I'm building an app in .net for my windows phone just to see how it works. Its
very easy and they deploy really easily. So you might want to look there too
if you have .NET experience.

------
ja27
Find one of Rey Wenderlich's tutorials that matches something you're
interested in and follow it. I don't think I would have gotten my first app
done if it weren't for his site. They're just the right depth for getting
something working.
[http://www.raywenderlich.com/](http://www.raywenderlich.com/)

There are a ton of samples and open-source mobile apps. It's a whole lot
easier to pick one of those up and start messing with it than it is to start
from a blank slate app template.

It took me almost 6 months to submit my first iOS app and I'd done plenty of
C/C++ and client-side UI work. It takes time to get moving and iOS can be
frustrating as hell between the odd syntax of Objective-C and UIKit. Android
is an easier transition for most developers.

------
amerkhalid
I really like Treehouse. Their courses are really well paced.

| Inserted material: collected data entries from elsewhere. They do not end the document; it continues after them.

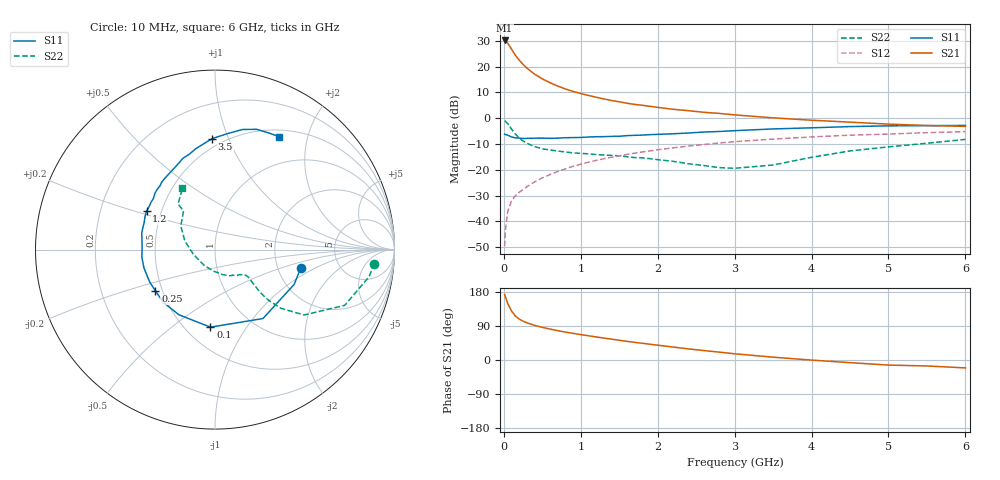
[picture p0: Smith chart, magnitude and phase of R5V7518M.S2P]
! SIEMENS Small Signal Semiconductors
! BFR183
! Si NPN RF Bipolar Junction Transistor in SOT23
! VCE = 0.75 V  IC = 18 mA
! Common Emitter S-Parameters:  May  1996
# GHz  S  MA  R  50
!  f  S11  S21  S12  S22
! GHz  MAG  ANG  MAG  ANG  MAG  ANG  MAG  ANG
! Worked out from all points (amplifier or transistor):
!   36 points, 10 MHz to 6 GHz, reference 50 ohm
!   highest |S21| = 30.1 dB at 10 MHz (marker M1)
!   |S21| within 3 dB of that: start of sweep to 92.11 MHz
!   unconditionally stable (mu >= 1): 377.3 MHz to 3.336 GHz
!   at 250 MHz: K = 0.88, MSG = 24.2 dB, |S12| = -27.6 dB
!   at 1.4 GHz: K = 1.12, MAG = 8.9 dB, |S12| = -15.1 dB
!   at 6 GHz: K = 0.99, MSG = 1.0 dB, |S12| = -5.2 dB
!   S11 on the Smith chart (normalised r, x): 10 MHz: 2.69, -0.73; 100 MHz: 0.66, -0.70; 250 MHz: 0.46, -0.25; 1.2 GHz: 0.41, +0.22; 3.5 GHz: 0.44, +0.87; 6 GHz: 0.59, +1.55
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0.01  0.4888 -12.2  32.1 173.3  0.0033 82.9  0.8914 -5.0
0.02  0.4816 -23.8  31.72 166.5  0.0066 79.3  0.8714 -10.0
0.05  0.4679 -55.2  28.49 149.3  0.0155 71.5  0.7863 -23.3
0.1  0.4328 -93.4  21.79 129.2  0.0249 62.4  0.6154 -36.3
0.15  0.415 -118.9  16.64 116.1  0.0315 60.0  0.4914 -41.7
0.2  0.4112 -134.1  13.35 108.1  0.0365 60.4  0.4113 -43.4
0.25  0.404 -145.2  10.99 102.4  0.0415 61.0  0.3605 -43.5
0.3  0.4063 -153.9  9.313 98.0  0.0471 62.6  0.3265 -43.0
0.4  0.4089 -165.7  7.141 91.5  0.0581 64.9  0.2807 -41.5
0.5  0.4098 -174.2  5.783 86.2  0.0694 66.1  0.2545 -40.2
0.6  0.4062 179.0  4.867 81.6  0.081 66.3  0.2416 -39.5
0.8  0.418 167.6  3.685 73.7  0.1044 66.1  0.2209 -40.0
0.9  0.4202 163.3  3.296 70.3  0.1169 65.7  0.2122 -40.5
1.1  0.431 154.9  2.755 64.0  0.1401 64.4  0.2033 -43.6
1.2  0.4369 150.7  2.547 60.8  0.1519 63.5  0.1971 -45.0
1.6  0.4588 136.9  1.948 49.2  0.1981 59.1  0.1786 -53.5
2.2  0.4984 119.6  1.486 34.2  0.2663 51.4  0.1456 -73.3
3  0.5724 100.8  1.159 16.4  0.35 39.9  0.1067 -124.2
3.5  0.6184 91.5  1.014 7.4  0.3936 32.5  0.1236 -167.8
4.5  0.6866 77.1  0.837 -7.0  0.4689 18.7  0.2317 145.4
5.5  0.716 65.1  0.721 -15.7  0.5241 7.0  0.3264 129.1
6  0.7229 60.5  0.693 -20.9  0.5478 -0.4  0.3875 117.9

I am also learning Mobile dev (Android) in my spare time. Although I program
all day long, I still was not able to pick up Android easily. I tried a few
free tutorials online. Also bought a few books. But I would get bored easily
and stop learning. Or I would find information overwhelming.

Now I am using Treehouse site. Their videos are pretty good, you build
interesting apps and they explain some of the concept better. Their badges are
kind of cheesy but also motivating.

They are $25/month though. But you can get 2 weeks free trial and check out as
much as you can.

------
wspeirs
First, words of encouragement: it's NEVER too late to get started again! If
you enjoyed programming in undergrad, you'll LOVE how far things have come!

Now on to actual help. Building mobile apps can be intimidating just by the
number of platforms. Beyond the www.raywenderlich.com and www.codecademy.com
links, you should check out something like Apache's Cordova
(cordova.apache.org) if you already know CSS and JavaScript. This way you can
easily build an app for any platform.

------
ahanjura
I think you should look at Appery.io, a cool way to build and deploy mobile
apps on the cloud. To start with, your focus should be on what you want to
build rather than how you build it. The idea is more important than the
implementation. Appery.io lets you build nice prototypes and real mobile apps
using their app builder. Try it and see if that takes you further.